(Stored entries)
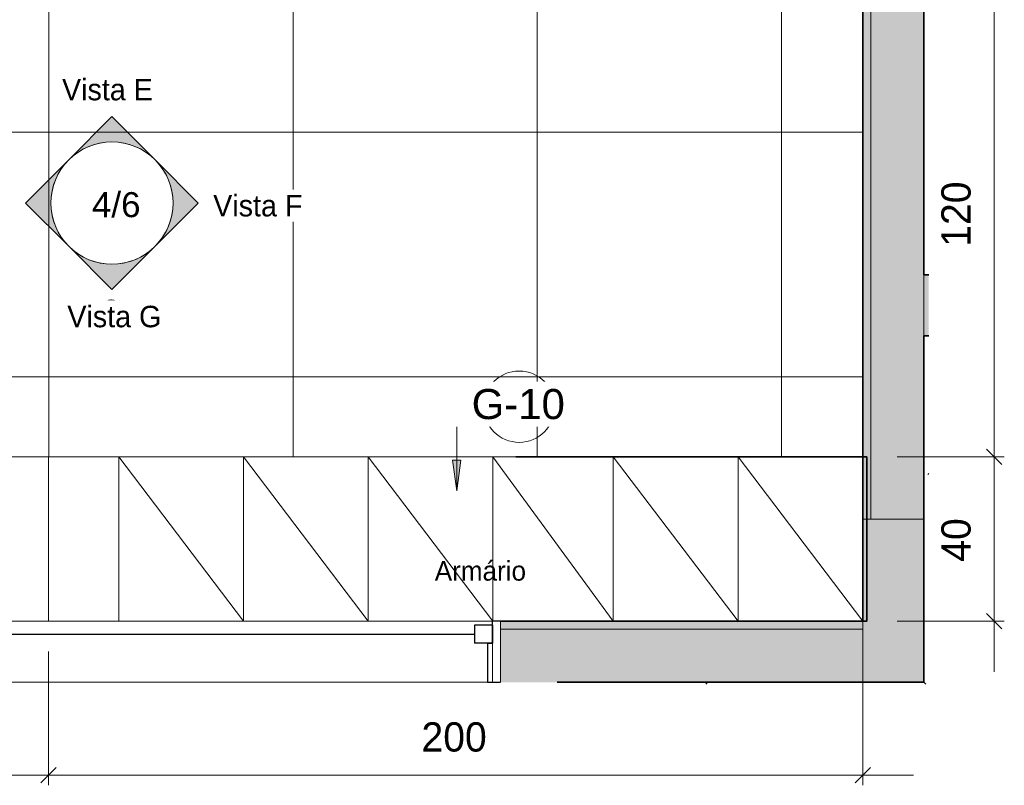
# Model space of a CAD drawing. Header units: metres. Extents: x -7.1 to 31.6, y -21.1 to 8.5.
# Tile 10 of 44: x -2.8 to -0.4, y -21.1 to -19.2. Entities that reach past the tile are written whole.
import ezdxf

# ---------------------------------------------------------------- set-up
doc = ezdxf.new("R2010")
doc.units = ezdxf.units.M
for name, color, linetype, lineweight in [('A-ANNO-DIMS', 211, 'Continuous', 9), ('A-ANNO-DIMS-25', 211, 'Continuous', 9), ('A-ANNO-KEYN', 231, 'Continuous', 9), ('A-DETL-THIN', 151, 'Continuous', 18), ('A-FLOR-PATT', 8, 'Continuous', 18), ('A-GENM', 13, 'Continuous', 18), ('A-GLAZ', 151, 'Continuous', 18), ('A-WALL', 113, 'Continuous', 18), ('A-WALL-PATT', 111, 'Continuous', 35), ('G-ANNO-SYMB', 111, 'Continuous', 9), ('G-ANNO-TEXT', 231, 'Continuous', 9)]:
    doc.layers.add(name, color=color, linetype=linetype, lineweight=lineweight)
doc.styles.add('Arial', font='arial.ttf', dxfattribs={"height": 0.061471})
doc.styles.add('Arial_1', font='arial.ttf', dxfattribs={"height": 0.073765})
doc.styles.add('Century Gothic_1', font='GOTHIC.TTF', dxfattribs={"height": 0.047904})
doc.styles.add('Century Gothic_2', font='GOTHIC.TTF', dxfattribs={"height": 0.052694})
doc.styles.add('Century Gothic_3', font='GOTHIC.TTF', dxfattribs={"height": 0.071856})
doc.dimstyles.new('_Cotas_detalhamento_3_mm', dxfattribs={"dimscale": 0.3048, "dimtxt": 0.075, "dimasz": 0.123031, "dimexe": 0.082021, "dimexo": 0.246063, "dimgap": 0.123031, "dimtad": 1, "dimdec": 0, "dimlfac": 100, "dimzin": 0, "dimdsep": 46, "dimtxsty": 'Century Gothic_3', "dimblk1": 'OBLIQUE', "dimblk2": 'OBLIQUE', "dimsah": 1, "dimcen": 0.09, "dimdle": 0.410105, "dimazin": 0, "dimtfac": 1, "dimtdec": 4, "dimtix": 1, "dimtmove": 0, "dimatfit": 3, "dimfxl": 1, "dimtvp": 1, "dimtolj": 1, "dimtzin": 0, "dimarcsym": 2})

# ---------------------------------------------------------------- blocks, each defined once
blk = doc.blocks.new('Casement w Mullions-Number_0002 - Janela 100 x 400 _cm_-1469881-PAGINAÇÃO DE PISO E LAYOUT VEST_ MASCULINO')
at = {"layer": 'A-GLAZ'}
for p, q in [((2.05595, 0.075), (-2.05595, 0.075)), ((2.05595, 0.075), (2.05595, -0.075)), ((2.075, 0.075), (2.05595, 0.075)), ((2.05595, -0.075), (2.05595, 0.075)), ((2.075, -0.075), (2.075, 0.075)), ((-2.05595, -0.075), (2.05595, -0.075)), ((2.05595, -0.075), (2.075, -0.075))]:
    blk.add_line(p, q, dxfattribs=at)
at = {"layer": 'A-GLAZ', "lineweight": 25}
for p, q in [((2.05595, 0.02055), (2.05595, 0.075)), ((2.075, 0.075), (2.05595, 0.075)), ((2.0115, 0.065), (2.0115, 0.02055)), ((2.05595, 0.065), (2.0115, 0.065)), ((2.05595, 0.065), (2.05595, 0.02055)), ((-2.0115, 0.04277), (2.0115, 0.04277)), ((2.05595, 0.02055), (2.0115, 0.02055)), ((2.04325, 0.02055), (2.05595, 0.02055)), ((2.04325, 0.02055), (2.04325, -0.075)), ((2.04325, -0.075), (2.075, -0.075))]:
    blk.add_line(p, q, dxfattribs=at)
blk = doc.blocks.new('_banco fixo concreto1 - _banco fixo concreto-2392509-PAGINAÇÃO DE PISO E LAYOUT VEST_ MASCULINO')
at = {"layer": 'A-GENM'}
blk.add_line((-2.7273, -20.2617), (-3.6673, -20.2617), dxfattribs=at)
blk = doc.blocks.new('_Roupeiro de aço 2 - _Roupeiro de aço 1-2392650-PAGINAÇÃO DE PISO E LAYOUT VEST_ MASCULINO')
at = {"layer": 'A-GENM'}
for p, q in [((-2.7273, -20.2615), (-2.7273, -20.6646)), ((-1.5791, -20.2615), (-2.7273, -20.2615))]:
    blk.add_line(p, q, dxfattribs=at)
at = {"layer": 'A-GENM', "lineweight": 35}
for p, q in [((-0.7173, -20.2615), (-1.5791, -20.2615)), ((-0.7173, -20.2615), (-0.7173, -20.6646)), ((-0.7173, -20.6646), (-1.5791, -20.6646))]:
    blk.add_line(p, q, dxfattribs=at)
blk = doc.blocks.new('Elevação - Seta preenchida-125290-PAGINAÇÃO DE PISO E LAYOUT VEST_ MASCULINO')
at = {"layer": 'G-ANNO-SYMB'}
blk.add_circle((0, 0), 0.006, dxfattribs=at)
blk = doc.blocks.new('Elevação - Seta preenchida-125019-PAGINAÇÃO DE PISO E LAYOUT VEST_ MASCULINO')
at = {"layer": 'G-ANNO-SYMB'}
h = blk.add_hatch(color=256, dxfattribs=at)
edge = h.paths.add_edge_path(flags=0)
edge.add_line((-0.004242, 0.004242), (0, 0.008485))
edge.add_line((0, 0.008485), (0.004242, 0.004242))
edge.add_arc((0, 0), 0.006, 45, 135)
for p, q in [((0, 0.008485), (-0.004242, 0.004242)), ((0, 0.008485), (-0.004242, 0.004242)), ((0.004242, 0.004242), (0, 0.008485)), ((0.004242, 0.004242), (0, 0.008485))]:
    blk.add_line(p, q, dxfattribs=at)
blk.add_arc((0, 0), 0.006, 45, 135, dxfattribs=at)
blk.add_arc((0, 0), 0.006, 45, 135, dxfattribs=at)
blk = doc.blocks.new('M_Identificador de nota-chave - Texto da nota-chave-86548-PAGINAÇÃO DE PISO E LAYOUT VEST_ MASCULINO')
at = {"layer": 'A-ANNO-KEYN'}
blk.add_circle((0.000244, -0.000205), 0.0035, dxfattribs=at)
blk = doc.blocks.new('DIMBLOCK11-PAGINAÇÃO DE PISO E LAYOUT VEST_ MASCULINO')
at = {"layer": 'A-ANNO-DIMS-25', "lineweight": 18}
for p, q in [((-0.4044, -20.2615), (-0.4231, -20.2428)), ((-0.4044, -20.2615), (-0.3856, -20.2803)), ((-0.4044, -20.6646), (-0.4231, -20.6458)), ((-0.4044, -20.6646), (-0.3856, -20.6833))]:
    blk.add_line(p, q, dxfattribs=at)
at = {"layer": 'A-ANNO-DIMS-25'}
for p, q in [((-0.6423, -20.2615), (-0.3794, -20.2615)), ((-0.4044, -20.2615), (-0.6423, -20.2615)), ((-0.4044, -20.7896), (-0.4044, -20.2615)), ((-0.6423, -20.6646), (-0.3794, -20.6646)), ((-0.4044, -20.6646), (-0.6423, -20.6646))]:
    blk.add_line(p, q, dxfattribs=at)
at = {"layer": 'A-ANNO-DIMS-25', "color": 0, "insert": (-0.534, -20.519), "char_height": 0.07186, "width": 0.134286, "attachment_point": 1, "rotation": 90, "line_spacing_factor": 0.984117, "style": 'Century Gothic_3'}
blk.add_mtext('40', dxfattribs=at)
blk = doc.blocks.new('_Oblique')
at = {"color": 0, "linetype": 'ByBlock', "lineweight": -2}
blk.add_line((-0.5, -0.5), (0.5, 0.5), dxfattribs=at)
blk = doc.blocks.new('DIMBLOCK12-PAGINAÇÃO DE PISO E LAYOUT VEST_ MASCULINO')
at = {"layer": 'A-ANNO-DIMS-25', "lineweight": 18}
for p, q in [((-0.4044, -19.0622), (-0.4231, -19.0434)), ((-0.4044, -19.0622), (-0.3856, -19.0809)), ((-0.4044, -20.2615), (-0.4231, -20.2428)), ((-0.4044, -20.2615), (-0.3856, -20.2803))]:
    blk.add_line(p, q, dxfattribs=at)
at = {"layer": 'A-ANNO-DIMS-25'}
for p, q in [((-0.6523, -19.0622), (-0.3794, -19.0622)), ((-0.4044, -19.0622), (-0.6523, -19.0622)), ((-0.4044, -20.2615), (-0.4044, -19.0622)), ((-0.6423, -20.2615), (-0.3794, -20.2615)), ((-0.4044, -20.2615), (-0.6423, -20.2615))]:
    blk.add_line(p, q, dxfattribs=at)
at = {"layer": 'A-ANNO-DIMS-25', "color": 0, "insert": (-0.534, -19.7458), "char_height": 0.07186, "width": 0.201429, "attachment_point": 1, "rotation": 90, "line_spacing_factor": 0.984117, "style": 'Century Gothic_3'}
blk.add_mtext('120', dxfattribs=at)
blk = doc.blocks.new('DIMBLOCK21-PAGINAÇÃO DE PISO E LAYOUT VEST_ MASCULINO')
at = {"layer": 'A-ANNO-DIMS-25'}
for p, q in [((-2.7273, -20.7396), (-2.7273, -21.0677)), ((-2.7273, -21.0427), (-2.7273, -20.7396)), ((-3.6673, -20.8146), (-3.6673, -21.0677)), ((-3.6673, -21.0427), (-3.6673, -20.8146)), ((-3.6673, -21.0427), (-2.7273, -21.0427))]:
    blk.add_line(p, q, dxfattribs=at)
at = {"layer": 'A-ANNO-DIMS-25', "lineweight": 18}
for p, q in [((-3.6673, -21.0427), (-3.686, -21.0615)), ((-3.6673, -21.0427), (-3.6485, -21.024)), ((-2.7273, -21.0427), (-2.746, -21.0615)), ((-2.7273, -21.0427), (-2.7085, -21.024))]:
    blk.add_line(p, q, dxfattribs=at)
at = {"layer": 'A-ANNO-DIMS-25', "color": 0, "insert": (-3.2532, -20.9131), "char_height": 0.07186, "width": 0.134286, "attachment_point": 1, "line_spacing_factor": 0.984117, "style": 'Century Gothic_3'}
blk.add_mtext('94', dxfattribs=at)
blk = doc.blocks.new('DIMBLOCK22-PAGINAÇÃO DE PISO E LAYOUT VEST_ MASCULINO')
at = {"layer": 'A-ANNO-DIMS-25'}
for p, q in [((-2.7273, -20.7396), (-2.7273, -21.0677)), ((-2.7273, -21.0427), (-2.7273, -20.7396)), ((-0.7273, -20.7396), (-0.7273, -21.0677)), ((-0.7273, -21.0427), (-0.7273, -20.7396)), ((-2.7273, -21.0427), (-0.6023, -21.0427))]:
    blk.add_line(p, q, dxfattribs=at)
at = {"layer": 'A-ANNO-DIMS-25', "lineweight": 18}
for p, q in [((-2.7273, -21.0427), (-2.746, -21.0615)), ((-2.7273, -21.0427), (-2.7085, -21.024)), ((-0.7273, -21.0427), (-0.746, -21.0615)), ((-0.7273, -21.0427), (-0.7085, -21.024))]:
    blk.add_line(p, q, dxfattribs=at)
at = {"layer": 'A-ANNO-DIMS-25', "color": 0, "insert": (-1.8112, -20.9131), "char_height": 0.07186, "width": 0.201429, "attachment_point": 1, "line_spacing_factor": 0.984117, "style": 'Century Gothic_3'}
blk.add_mtext('200', dxfattribs=at)

msp = doc.modelspace()

# ---------------------------------------------------------------- hatches: boundary and pattern name
at = {"layer": 'A-ANNO-KEYN'}
msp.add_hatch(color=256, dxfattribs=at).paths.add_polyline_path([(-1.7247, -20.3448), (-1.7149, -20.2698), (-1.7346, -20.2698)], flags=0)
at = {"layer": 'A-FLOR-PATT'}
h = msp.add_hatch(dxfattribs=at)
h.set_pattern_fill('FP_3', color=256, style=0, pattern_type=2)
h.set_pattern_definition([(0, (-7.527, -17.065), (0, 0.6), []), (90, (-7.527, -17.065), (-0.6, 4e-17), [])])
h.paths.add_polyline_path([(-4.9073, -20.6646), (-4.3073, -20.6646), (-4.3073, -20.0298), (-4.2873, -20.0298), (-4.2873, -20.6646), (-3.6873, -20.6646), (-3.6873, -20.0298), (-3.6673, -20.0298), (-3.6673, -20.2617), (-0.7273, -20.2615), (-0.7273, -19.0622), (-0.8648, -19.0622), (-0.8648, -19.0422), (-0.7273, -19.0422), (-0.7273, -17.7122), (-1.6973, -17.7122), (-1.6973, -19.0422), (-1.4648, -19.0422), (-1.4648, -19.0622), (-1.7673, -19.0622), (-1.7673, -19.0422), (-1.7173, -19.0422), (-1.7173, -17.7122), (-2.7173, -17.7122), (-2.7173, -19.0422), (-2.3673, -19.0422), (-2.3673, -19.0622), (-2.7873, -19.0622), (-2.7873, -19.0422), (-2.7373, -19.0422), (-2.7373, -17.7122), (-3.7373, -17.7124), (-3.7373, -18.4566), (-3.7337, -18.4601), (-3.6293, -18.4693), (-3.6244, -18.4718), (-3.6222, -18.4743), (-3.6212, -18.4762), (-3.6203, -18.4811), (-3.6205, -18.75), (-3.6221, -18.7548), (-3.6235, -18.7564), (-3.6261, -18.7584), (-3.6293, -18.7599), (-3.7337, -18.7691), (-3.7373, -18.7726), (-3.7373, -19.0422), (-3.3873, -19.0422), (-3.3873, -19.0622), (-3.8073, -19.0622), (-3.8073, -19.0422), (-3.7573, -19.0422), (-3.7573, -17.7122), (-4.7573, -17.7122), (-4.7573, -18.4566), (-4.7537, -18.4601), (-4.6493, -18.4693), (-4.6444, -18.4718), (-4.6422, -18.4743), (-4.6412, -18.4762), (-4.6403, -18.4811), (-4.6405, -18.75), (-4.6421, -18.7548), (-4.6435, -18.7564), (-4.6461, -18.7584), (-4.6493, -18.7599), (-4.7537, -18.7691), (-4.7573, -18.7726), (-4.7573, -19.0422), (-4.4073, -19.0422), (-4.4073, -19.0622), (-4.8373, -19.0622), (-4.8373, -19.0422), (-4.7773, -19.0422), (-4.7773, -17.7122), (-5.7773, -17.7122), (-5.7773, -18.4566), (-5.7737, -18.4601), (-5.6693, -18.4693), (-5.6644, -18.4718), (-5.6622, -18.4743), (-5.6612, -18.4762), (-5.6603, -18.4811), (-5.6605, -18.75), (-5.6621, -18.7548), (-5.6635, -18.7564), (-5.6661, -18.7584), (-5.6693, -18.7599), (-5.7737, -18.7691), (-5.7773, -18.7726), (-5.7773, -19.0422), (-5.4373, -19.0422), (-5.4373, -19.0622), (-5.9273, -19.0622), (-5.9273, -16.7159), (-6.9273, -16.7159), (-6.9273, -20.0646), (-4.9273, -20.0646), (-4.9273, -20.0298), (-4.9073, -20.0298), (-4.9073, -20.6637)], flags=0)
h.paths.add_polyline_path([(-3.8199, -20.6548), (-4.0547, -20.6548), (-4.0653, -20.6237), (-4.0741, -20.5922), (-4.0809, -20.5601), (-4.0858, -20.5277), (-4.0888, -20.4952), (-4.0898, -20.4624), (-4.0886, -20.4398), (-4.0853, -20.4178), (-4.0799, -20.3963), (-4.0723, -20.3758), (-4.0628, -20.3566), (-4.0514, -20.3389), (-4.0384, -20.323), (-4.0239, -20.3091), (-4.0081, -20.2975), (-3.9914, -20.2883), (-3.9738, -20.2816), (-3.9557, -20.2775), (-3.9373, -20.2762), (-3.9189, -20.2775), (-3.9008, -20.2816), (-3.8832, -20.2883), (-3.8664, -20.2975), (-3.8506, -20.3091), (-3.8362, -20.323), (-3.8231, -20.3389), (-3.8118, -20.3566), (-3.8022, -20.3758), (-3.7947, -20.3963), (-3.7892, -20.4178), (-3.7858, -20.4427), (-3.7848, -20.4624), (-3.7858, -20.4952), (-3.7887, -20.5277), (-3.7936, -20.5601), (-3.8005, -20.5922), (-3.8092, -20.6237)], flags=0)
h.paths.add_polyline_path([(-4.6747, -20.6548), (-4.6853, -20.6237), (-4.695, -20.5881), (-4.7014, -20.5571), (-4.7062, -20.5234), (-4.7088, -20.4952), (-4.7098, -20.4624), (-4.7086, -20.4398), (-4.7053, -20.4178), (-4.6999, -20.3963), (-4.6923, -20.3758), (-4.6828, -20.3566), (-4.6714, -20.3389), (-4.6584, -20.323), (-4.6439, -20.3091), (-4.6281, -20.2975), (-4.6114, -20.2883), (-4.5938, -20.2816), (-4.5757, -20.2775), (-4.5573, -20.2762), (-4.5389, -20.2775), (-4.5208, -20.2816), (-4.5032, -20.2883), (-4.4864, -20.2975), (-4.4706, -20.3091), (-4.4562, -20.323), (-4.4431, -20.3389), (-4.4318, -20.3566), (-4.4222, -20.3758), (-4.4147, -20.3963), (-4.4092, -20.4178), (-4.4058, -20.4427), (-4.4048, -20.4624), (-4.4058, -20.4952), (-4.4087, -20.5277), (-4.4136, -20.5601), (-4.4205, -20.5922), (-4.4292, -20.6237), (-4.4399, -20.6548), (-4.6354, -20.6548)], flags=0)
h.paths.add_polyline_path([(-6.4773, -20.5854), (-6.4496, -20.5838), (-6.4231, -20.5792), (-6.397, -20.5716), (-6.3726, -20.5615), (-6.3484, -20.5481), (-6.3265, -20.5325), (-6.3064, -20.5145), (-6.2884, -20.4943), (-6.2728, -20.4722), (-6.2598, -20.4486), (-6.2494, -20.4235), (-6.242, -20.3978), (-6.2375, -20.3711), (-6.2375, -20.3712), (-6.242, -20.3978), (-6.2496, -20.4238), (-6.2599, -20.4488), (-6.2732, -20.4727), (-6.2887, -20.4946), (-6.3067, -20.5147), (-6.3269, -20.5328), (-6.349, -20.5484), (-6.3727, -20.5615), (-6.3978, -20.5719), (-6.4239, -20.5794), (-6.4516, -20.5839), (-6.4773, -20.5854), (-6.4783, -20.5854)], flags=0)
h.paths.add_polyline_path([(-6.5043, -20.5839), (-6.5043, -20.5838), (-6.531, -20.5793), (-6.557, -20.5718), (-6.582, -20.5615), (-6.6057, -20.5484), (-6.6277, -20.5327), (-6.6479, -20.5147), (-6.6659, -20.4945), (-6.6816, -20.4724), (-6.6947, -20.4488), (-6.705, -20.4237), (-6.7125, -20.3978), (-6.7171, -20.3707), (-6.717, -20.3714), (-6.7125, -20.3978), (-6.705, -20.4238), (-6.6946, -20.449), (-6.6814, -20.4727), (-6.6659, -20.4946), (-6.6478, -20.5149), (-6.6277, -20.5328), (-6.6056, -20.5485), (-6.5815, -20.5617), (-6.557, -20.5719), (-6.5305, -20.5795), (-6.5043, -20.5839)], flags=0)
h.paths.add_polyline_path([(-5.3996, -20.1128), (-5.4043, -20.113), (-5.431, -20.1176), (-5.4583, -20.1256), (-5.482, -20.1354), (-5.5074, -20.1498), (-5.5277, -20.1642), (-5.549, -20.1834), (-5.5659, -20.2024), (-5.5823, -20.2257), (-5.5947, -20.2481), (-5.6057, -20.2755), (-5.6125, -20.2991), (-5.6171, -20.3274), (-5.6168, -20.3258), (-5.6122, -20.2991), (-5.6045, -20.2731), (-5.594, -20.2481), (-5.5807, -20.2244), (-5.5648, -20.2024), (-5.5465, -20.1822), (-5.526, -20.1642), (-5.5034, -20.1485), (-5.482, -20.1367), (-5.4545, -20.1256), (-5.431, -20.1188), (-5.4043, -20.1143), (-5.3773, -20.1128)], flags=0)
h.paths.add_polyline_path([(-5.3503, -20.113), (-5.3773, -20.1115), (-5.3996, -20.1128), (-5.3726, -20.113)], flags=0)
h.paths.add_polyline_path([(-5.136, -20.3535), (-5.136, -20.3528), (-5.1375, -20.3256), (-5.1425, -20.2973), (-5.1495, -20.2731), (-5.1599, -20.2481), (-5.173, -20.2244), (-5.1886, -20.2024), (-5.2067, -20.1822), (-5.2268, -20.1642), (-5.2489, -20.1485), (-5.2726, -20.1354), (-5.2976, -20.125), (-5.3236, -20.1176), (-5.3503, -20.113), (-5.3726, -20.113), (-5.3503, -20.1143), (-5.3236, -20.1188), (-5.2976, -20.1263), (-5.2726, -20.1367), (-5.2489, -20.1498), (-5.2268, -20.1654), (-5.2066, -20.1835), (-5.1886, -20.2036), (-5.173, -20.2257), (-5.1599, -20.2494), (-5.1495, -20.2744), (-5.142, -20.3004), (-5.1375, -20.3275), (-5.136, -20.3528)], flags=0)
h.paths.add_polyline_path([(-5.4023, -18.7443), (-5.5171, -18.7443), (-5.5161, -18.729), (-5.5132, -18.7141), (-5.5084, -18.6996), (-5.5018, -18.6859), (-5.4936, -18.673), (-5.4837, -18.6614), (-5.4725, -18.651), (-5.46, -18.6422), (-5.4466, -18.635), (-5.4323, -18.6296), (-5.4176, -18.6261), (-5.4023, -18.6245), (-5.4023, -18.7372)], flags=0)
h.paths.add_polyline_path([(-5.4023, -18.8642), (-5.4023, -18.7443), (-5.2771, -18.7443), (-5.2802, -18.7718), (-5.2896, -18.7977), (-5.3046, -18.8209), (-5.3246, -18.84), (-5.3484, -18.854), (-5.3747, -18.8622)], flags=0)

PROBLEM DESCRIPTION – In the lines above, find the word "GLAZ" and copy each line that contains it.

RESPONSE –
for name, color, linetype, lineweight in [('A-ANNO-DIMS', 211, 'Continuous', 9), ('A-ANNO-DIMS-25', 211, 'Continuous', 9), ('A-ANNO-KEYN', 231, 'Continuous', 9), ('A-DETL-THIN', 151, 'Continuous', 18), ('A-FLOR-PATT', 8, 'Continuous', 18), ('A-GENM', 13, 'Continuous', 18), ('A-GLAZ', 151, 'Continuous', 18), ('A-WALL', 113, 'Continuous', 18), ('A-WALL-PATT', 111, 'Continuous', 35), ('G-ANNO-SYMB', 111, 'Continuous', 9), ('G-ANNO-TEXT', 231, 'Continuous', 9)]:
at = {"layer": 'A-GLAZ'}
at = {"layer": 'A-GLAZ', "lineweight": 25}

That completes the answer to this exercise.